# Exercise objective
I need each line of the entries below that includes the string "revolution".

━━━ Stored data ━━━

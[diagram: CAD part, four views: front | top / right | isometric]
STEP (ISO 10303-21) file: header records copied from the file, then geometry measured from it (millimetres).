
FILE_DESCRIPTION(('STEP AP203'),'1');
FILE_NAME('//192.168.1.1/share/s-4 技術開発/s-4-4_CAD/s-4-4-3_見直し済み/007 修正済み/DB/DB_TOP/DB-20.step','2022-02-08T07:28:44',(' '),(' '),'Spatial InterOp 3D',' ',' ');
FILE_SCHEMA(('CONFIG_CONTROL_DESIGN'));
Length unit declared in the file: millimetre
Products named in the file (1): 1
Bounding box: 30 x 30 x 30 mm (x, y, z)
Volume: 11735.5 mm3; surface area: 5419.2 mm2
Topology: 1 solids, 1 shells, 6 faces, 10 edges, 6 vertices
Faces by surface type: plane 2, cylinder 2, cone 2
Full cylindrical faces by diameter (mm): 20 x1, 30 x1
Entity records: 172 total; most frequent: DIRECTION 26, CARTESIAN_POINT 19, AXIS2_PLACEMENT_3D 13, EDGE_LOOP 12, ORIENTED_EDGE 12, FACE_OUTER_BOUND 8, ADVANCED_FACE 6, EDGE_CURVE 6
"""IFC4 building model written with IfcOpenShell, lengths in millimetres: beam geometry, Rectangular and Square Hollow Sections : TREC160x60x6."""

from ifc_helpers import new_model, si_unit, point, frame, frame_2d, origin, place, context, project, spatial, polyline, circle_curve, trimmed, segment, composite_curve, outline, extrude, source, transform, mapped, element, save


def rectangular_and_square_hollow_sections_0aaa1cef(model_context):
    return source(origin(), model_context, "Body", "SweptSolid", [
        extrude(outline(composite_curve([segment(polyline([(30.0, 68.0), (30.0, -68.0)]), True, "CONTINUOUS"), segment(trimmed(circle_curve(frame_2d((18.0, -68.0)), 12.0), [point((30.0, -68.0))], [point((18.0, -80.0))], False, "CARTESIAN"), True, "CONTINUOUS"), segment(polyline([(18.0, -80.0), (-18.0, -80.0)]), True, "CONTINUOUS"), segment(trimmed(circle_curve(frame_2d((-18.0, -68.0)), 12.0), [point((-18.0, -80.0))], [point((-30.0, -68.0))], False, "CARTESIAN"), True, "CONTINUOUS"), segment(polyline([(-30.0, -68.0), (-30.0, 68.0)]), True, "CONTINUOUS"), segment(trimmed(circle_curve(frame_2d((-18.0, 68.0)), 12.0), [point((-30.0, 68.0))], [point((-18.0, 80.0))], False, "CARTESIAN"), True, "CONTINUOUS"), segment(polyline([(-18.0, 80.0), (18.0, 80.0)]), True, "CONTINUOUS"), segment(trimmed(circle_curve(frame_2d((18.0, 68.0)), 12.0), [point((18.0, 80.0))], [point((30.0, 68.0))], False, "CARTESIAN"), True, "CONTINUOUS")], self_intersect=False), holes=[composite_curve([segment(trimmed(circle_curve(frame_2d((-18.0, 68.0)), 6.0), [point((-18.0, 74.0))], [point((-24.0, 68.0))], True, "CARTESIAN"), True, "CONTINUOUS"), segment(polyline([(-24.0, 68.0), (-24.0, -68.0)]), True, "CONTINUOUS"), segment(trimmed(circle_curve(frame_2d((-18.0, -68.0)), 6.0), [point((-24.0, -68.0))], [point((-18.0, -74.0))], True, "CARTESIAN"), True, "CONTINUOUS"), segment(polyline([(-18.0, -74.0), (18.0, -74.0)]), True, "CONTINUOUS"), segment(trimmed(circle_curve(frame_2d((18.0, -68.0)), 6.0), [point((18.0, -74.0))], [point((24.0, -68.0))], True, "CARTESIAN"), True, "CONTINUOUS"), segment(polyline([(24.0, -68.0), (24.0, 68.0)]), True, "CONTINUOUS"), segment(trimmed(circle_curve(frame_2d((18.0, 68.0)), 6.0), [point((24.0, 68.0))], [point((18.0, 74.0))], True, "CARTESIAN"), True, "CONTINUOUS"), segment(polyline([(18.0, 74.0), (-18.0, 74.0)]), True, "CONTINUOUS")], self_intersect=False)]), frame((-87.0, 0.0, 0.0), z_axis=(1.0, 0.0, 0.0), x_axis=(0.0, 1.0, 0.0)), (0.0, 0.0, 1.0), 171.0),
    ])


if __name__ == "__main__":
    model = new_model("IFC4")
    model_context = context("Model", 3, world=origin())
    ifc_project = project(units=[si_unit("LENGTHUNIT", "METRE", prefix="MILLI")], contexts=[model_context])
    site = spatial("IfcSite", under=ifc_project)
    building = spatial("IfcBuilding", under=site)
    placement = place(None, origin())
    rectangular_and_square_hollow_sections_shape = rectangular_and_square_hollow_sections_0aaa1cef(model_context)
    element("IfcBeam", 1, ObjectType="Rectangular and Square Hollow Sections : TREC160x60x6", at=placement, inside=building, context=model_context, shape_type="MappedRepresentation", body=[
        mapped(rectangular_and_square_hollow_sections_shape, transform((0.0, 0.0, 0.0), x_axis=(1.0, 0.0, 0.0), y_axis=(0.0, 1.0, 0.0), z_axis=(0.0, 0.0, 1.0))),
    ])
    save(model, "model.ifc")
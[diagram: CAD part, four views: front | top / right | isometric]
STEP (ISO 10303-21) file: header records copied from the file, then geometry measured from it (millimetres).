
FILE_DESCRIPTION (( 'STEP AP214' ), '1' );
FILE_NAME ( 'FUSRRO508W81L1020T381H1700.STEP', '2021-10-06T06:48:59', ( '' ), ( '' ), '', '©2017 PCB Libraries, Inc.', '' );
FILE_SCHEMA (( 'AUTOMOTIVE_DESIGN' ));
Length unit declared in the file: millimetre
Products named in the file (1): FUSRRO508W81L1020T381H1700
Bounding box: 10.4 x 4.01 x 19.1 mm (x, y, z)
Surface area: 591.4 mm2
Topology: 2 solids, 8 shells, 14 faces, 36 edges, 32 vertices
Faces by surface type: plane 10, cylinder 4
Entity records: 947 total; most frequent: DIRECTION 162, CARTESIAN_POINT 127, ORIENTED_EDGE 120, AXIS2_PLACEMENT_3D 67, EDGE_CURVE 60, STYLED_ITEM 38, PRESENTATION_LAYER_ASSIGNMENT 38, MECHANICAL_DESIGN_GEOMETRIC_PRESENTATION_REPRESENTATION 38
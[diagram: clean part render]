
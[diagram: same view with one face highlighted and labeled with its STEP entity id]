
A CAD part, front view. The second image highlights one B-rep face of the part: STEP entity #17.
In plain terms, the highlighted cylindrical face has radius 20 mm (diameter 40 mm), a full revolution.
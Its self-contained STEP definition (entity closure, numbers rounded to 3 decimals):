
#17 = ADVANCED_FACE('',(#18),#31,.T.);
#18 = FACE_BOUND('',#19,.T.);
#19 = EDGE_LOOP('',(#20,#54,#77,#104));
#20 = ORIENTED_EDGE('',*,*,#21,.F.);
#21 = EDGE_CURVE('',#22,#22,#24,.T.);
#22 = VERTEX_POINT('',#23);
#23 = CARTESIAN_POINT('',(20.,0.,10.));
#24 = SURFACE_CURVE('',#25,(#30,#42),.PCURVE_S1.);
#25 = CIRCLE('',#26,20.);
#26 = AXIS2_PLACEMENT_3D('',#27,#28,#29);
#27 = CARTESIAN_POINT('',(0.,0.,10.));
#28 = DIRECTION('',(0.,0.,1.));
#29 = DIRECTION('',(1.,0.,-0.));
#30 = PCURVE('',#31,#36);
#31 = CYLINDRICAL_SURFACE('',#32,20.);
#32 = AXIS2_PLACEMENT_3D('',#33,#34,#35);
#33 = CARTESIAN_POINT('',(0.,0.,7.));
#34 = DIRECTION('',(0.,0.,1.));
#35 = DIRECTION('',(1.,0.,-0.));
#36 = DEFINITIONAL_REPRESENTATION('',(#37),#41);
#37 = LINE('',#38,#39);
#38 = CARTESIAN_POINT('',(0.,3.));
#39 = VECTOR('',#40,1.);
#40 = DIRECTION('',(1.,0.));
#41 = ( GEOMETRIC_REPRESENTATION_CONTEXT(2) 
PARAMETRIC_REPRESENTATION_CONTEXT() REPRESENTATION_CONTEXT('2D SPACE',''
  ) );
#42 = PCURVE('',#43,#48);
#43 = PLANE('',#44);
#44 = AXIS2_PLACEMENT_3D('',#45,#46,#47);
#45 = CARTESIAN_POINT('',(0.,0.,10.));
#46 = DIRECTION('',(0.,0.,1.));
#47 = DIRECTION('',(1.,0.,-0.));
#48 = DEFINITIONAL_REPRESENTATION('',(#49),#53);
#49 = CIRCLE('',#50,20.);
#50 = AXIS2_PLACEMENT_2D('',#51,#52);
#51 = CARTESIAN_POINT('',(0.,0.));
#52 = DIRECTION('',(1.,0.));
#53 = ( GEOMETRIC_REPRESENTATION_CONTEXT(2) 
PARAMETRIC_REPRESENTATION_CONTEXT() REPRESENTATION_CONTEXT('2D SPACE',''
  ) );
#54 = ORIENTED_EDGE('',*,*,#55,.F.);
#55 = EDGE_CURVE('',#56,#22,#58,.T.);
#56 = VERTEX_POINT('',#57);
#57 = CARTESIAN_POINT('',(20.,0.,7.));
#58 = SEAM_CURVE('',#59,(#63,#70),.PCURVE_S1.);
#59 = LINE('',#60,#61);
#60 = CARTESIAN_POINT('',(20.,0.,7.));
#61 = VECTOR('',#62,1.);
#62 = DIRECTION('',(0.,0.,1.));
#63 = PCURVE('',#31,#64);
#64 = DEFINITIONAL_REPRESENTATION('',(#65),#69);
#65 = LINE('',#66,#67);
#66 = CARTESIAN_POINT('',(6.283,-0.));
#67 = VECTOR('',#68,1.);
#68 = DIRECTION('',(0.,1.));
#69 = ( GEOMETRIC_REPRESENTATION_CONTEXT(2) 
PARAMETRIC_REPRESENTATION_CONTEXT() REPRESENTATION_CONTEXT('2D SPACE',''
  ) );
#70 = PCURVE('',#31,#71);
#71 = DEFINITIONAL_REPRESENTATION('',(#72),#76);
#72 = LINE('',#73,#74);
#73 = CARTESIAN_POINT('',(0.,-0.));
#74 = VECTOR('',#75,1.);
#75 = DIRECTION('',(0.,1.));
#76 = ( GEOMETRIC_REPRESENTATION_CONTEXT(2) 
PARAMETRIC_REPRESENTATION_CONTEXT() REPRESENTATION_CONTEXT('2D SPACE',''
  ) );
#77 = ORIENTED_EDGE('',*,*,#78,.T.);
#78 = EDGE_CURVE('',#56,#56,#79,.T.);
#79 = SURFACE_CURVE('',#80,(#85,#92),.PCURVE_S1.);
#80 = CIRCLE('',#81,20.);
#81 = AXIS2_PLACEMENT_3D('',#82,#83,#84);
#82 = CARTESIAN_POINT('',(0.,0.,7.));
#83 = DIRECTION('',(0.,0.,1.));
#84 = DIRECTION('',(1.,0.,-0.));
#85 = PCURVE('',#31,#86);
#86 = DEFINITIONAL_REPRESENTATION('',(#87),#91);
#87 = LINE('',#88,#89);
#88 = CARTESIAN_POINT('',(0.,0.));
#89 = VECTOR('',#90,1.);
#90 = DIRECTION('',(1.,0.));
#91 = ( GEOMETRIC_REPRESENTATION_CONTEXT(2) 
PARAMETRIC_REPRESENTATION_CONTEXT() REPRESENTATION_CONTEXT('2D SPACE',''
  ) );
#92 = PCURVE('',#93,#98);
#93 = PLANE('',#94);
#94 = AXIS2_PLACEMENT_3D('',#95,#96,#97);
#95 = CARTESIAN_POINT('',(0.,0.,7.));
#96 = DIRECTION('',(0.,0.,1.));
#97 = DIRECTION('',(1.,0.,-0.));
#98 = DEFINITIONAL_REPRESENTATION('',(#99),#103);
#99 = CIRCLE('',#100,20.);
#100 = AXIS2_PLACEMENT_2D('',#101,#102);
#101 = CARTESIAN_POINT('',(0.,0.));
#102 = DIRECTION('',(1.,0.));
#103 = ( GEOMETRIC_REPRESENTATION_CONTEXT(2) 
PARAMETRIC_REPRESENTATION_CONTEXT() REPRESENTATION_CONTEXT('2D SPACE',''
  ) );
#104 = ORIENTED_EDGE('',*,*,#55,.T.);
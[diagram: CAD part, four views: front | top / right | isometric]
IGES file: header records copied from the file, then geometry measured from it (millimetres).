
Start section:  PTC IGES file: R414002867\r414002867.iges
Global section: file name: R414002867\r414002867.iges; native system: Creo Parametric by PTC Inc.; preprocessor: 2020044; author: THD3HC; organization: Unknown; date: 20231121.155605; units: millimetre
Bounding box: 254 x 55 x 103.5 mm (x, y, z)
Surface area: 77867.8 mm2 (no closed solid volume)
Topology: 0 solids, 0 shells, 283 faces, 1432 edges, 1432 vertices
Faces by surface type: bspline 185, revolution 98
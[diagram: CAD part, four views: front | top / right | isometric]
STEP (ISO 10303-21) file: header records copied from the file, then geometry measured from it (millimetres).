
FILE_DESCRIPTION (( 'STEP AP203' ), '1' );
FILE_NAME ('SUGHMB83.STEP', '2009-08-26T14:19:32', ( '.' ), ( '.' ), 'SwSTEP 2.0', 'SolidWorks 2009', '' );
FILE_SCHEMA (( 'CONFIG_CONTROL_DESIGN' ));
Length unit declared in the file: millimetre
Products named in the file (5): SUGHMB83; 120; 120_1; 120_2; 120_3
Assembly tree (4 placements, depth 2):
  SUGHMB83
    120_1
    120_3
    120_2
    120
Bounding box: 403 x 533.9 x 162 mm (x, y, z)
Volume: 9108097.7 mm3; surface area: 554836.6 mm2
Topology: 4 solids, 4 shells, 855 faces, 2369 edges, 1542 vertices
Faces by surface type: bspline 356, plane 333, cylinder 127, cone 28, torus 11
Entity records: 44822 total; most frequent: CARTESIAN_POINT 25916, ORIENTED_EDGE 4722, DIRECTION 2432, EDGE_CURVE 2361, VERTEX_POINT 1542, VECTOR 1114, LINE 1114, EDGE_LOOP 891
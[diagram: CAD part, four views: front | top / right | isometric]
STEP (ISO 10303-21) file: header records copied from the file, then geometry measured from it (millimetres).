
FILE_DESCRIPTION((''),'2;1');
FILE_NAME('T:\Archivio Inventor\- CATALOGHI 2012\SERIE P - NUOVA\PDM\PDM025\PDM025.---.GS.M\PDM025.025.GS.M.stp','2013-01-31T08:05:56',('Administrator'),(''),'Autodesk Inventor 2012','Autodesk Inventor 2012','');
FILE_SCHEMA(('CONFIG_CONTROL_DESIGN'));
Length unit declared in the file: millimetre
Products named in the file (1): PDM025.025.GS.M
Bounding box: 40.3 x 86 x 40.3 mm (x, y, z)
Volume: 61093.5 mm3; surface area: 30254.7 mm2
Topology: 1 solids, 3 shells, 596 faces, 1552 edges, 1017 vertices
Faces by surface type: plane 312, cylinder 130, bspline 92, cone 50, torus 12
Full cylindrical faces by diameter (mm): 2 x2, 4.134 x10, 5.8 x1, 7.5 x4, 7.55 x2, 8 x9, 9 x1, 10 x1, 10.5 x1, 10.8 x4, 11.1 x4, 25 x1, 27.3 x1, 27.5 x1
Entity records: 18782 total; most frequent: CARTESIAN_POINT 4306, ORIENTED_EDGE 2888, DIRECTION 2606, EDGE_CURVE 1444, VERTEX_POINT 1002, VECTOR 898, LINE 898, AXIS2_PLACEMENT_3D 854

━━━

# Answer to this problem
In plain terms, the highlighted cylindrical face has radius 20 mm (diameter 40 mm), a full revolution.
Faces by surface type: bspline 185, revolution 98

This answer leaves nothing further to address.